Something raw flickered in his eyes. He didn’t look away. He didn’t hesitate.

“I love you,” he said simply. “I loved you two years ago. I loved you when you were yelling at me in the hotel lobby yesterday morning. I loved you last night when you told my father you were with me, and I damn sure love you right now.”

The words hit like incoming fire, but instead of blowing holes in me, they filled something in.

I exhaled slowly. “Good,” I said. “Because I love you, too.”

His hand tightened on my hip.

“I know,” he said, voice gone low. “You said so. In front of my father. Which is objectively cruel.”

I huffed out a laugh. “Cruel?”

“You dropped the L-word in a room where I couldn’t throw you against a wall, and you know what that does to a man in my condition.”

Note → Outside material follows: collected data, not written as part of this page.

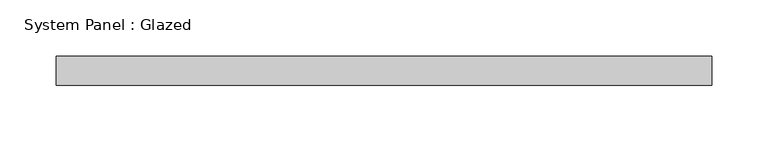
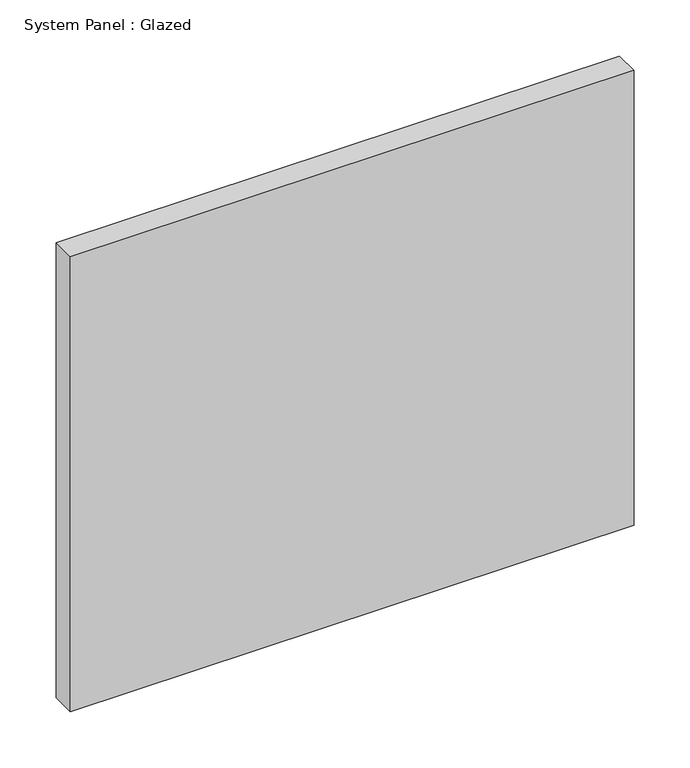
"""IFC4 building model written with IfcOpenShell, lengths in millimetres: plate geometry, System Panel : Glazed."""

from ifc_helpers import new_model, si_unit, origin, origin_with_axes, place, context, project, spatial, polyline, outline, extrude, source, transform, mapped, element, save


def system_panel_glazed_9a2ceec3(model_context):
    return source(origin(), model_context, "Body", "SweptSolid", [
        extrude(outline(polyline([(290.2639021, -12.7), (-290.2639021, -12.7), (-290.2639021, 12.7), (290.2639021, 12.7), (290.2639021, -12.7)])), origin_with_axes(), (0.0, 0.0, 1.0), 495.3),
    ])


if __name__ == "__main__":
    model = new_model("IFC4")
    model_context = context("Model", 3, world=origin())
    ifc_project = project(units=[si_unit("LENGTHUNIT", "METRE", prefix="MILLI")], contexts=[model_context])
    site = spatial("IfcSite", under=ifc_project)
    building = spatial("IfcBuilding", under=site)
    placement = place(None, origin())
    system_panel_glazed_shape = system_panel_glazed_9a2ceec3(model_context)
    element("IfcPlate", 1, ObjectType="System Panel : Glazed", at=placement, inside=building, context=model_context, shape_type="MappedRepresentation", body=[
        mapped(system_panel_glazed_shape, transform((0.0, 0.0, 0.0), x_axis=(1.0, 0.0, 0.0), y_axis=(0.0, 1.0, 0.0), z_axis=(0.0, 0.0, 1.0))),
    ])
    save(model, "model.ifc")

“Your condition,” I echoed, amused.

“Fragile,” he said gravely. “Emotionally compromised. High risk of doing something stupid for you.”

“That’s new?” I asked.

He smiled—soft, crooked, the one he never let anyone else see. “Fair point.”

His hand slid from my hip to the small of my back, dragging me closer until there wasn’t room for even air between us. The sheet tangled around our legs, the cotton dragging over skin. I could feel every inch of him, hot and solid and very far from fragile.

My pulse stuttered.

He made a low sound in the back of his throat, something between a groan and a laugh, and then his mouth was on mine.

The first kiss was unhurried. His lips were warm, his stubble scraping faintly against my skin, grounding me. He kissed me like we had all the time in the world and no time at all, contradictions layered like everything else between us.

I opened for him, and the kiss deepened.

Flashes of memory sparked. This was different. Still hungry, still threaded with urgency, but there was something else now. A steadiness. A claim.

His hand slid up my spine, under the hem of my T-shirt, fingers splaying against bare skin. I sucked in a breath at the contact, heat licking up my back.

“Still okay?” he murmured against my mouth.

I nodded, words not entirely accessible.

“Use your words, Emerson,” he said, that faint command in his tone sending a shiver through me.

“I’m okay,” I managed. “More than okay.”

“Good,” he said. “Because I’ve been trying very hard to behave.”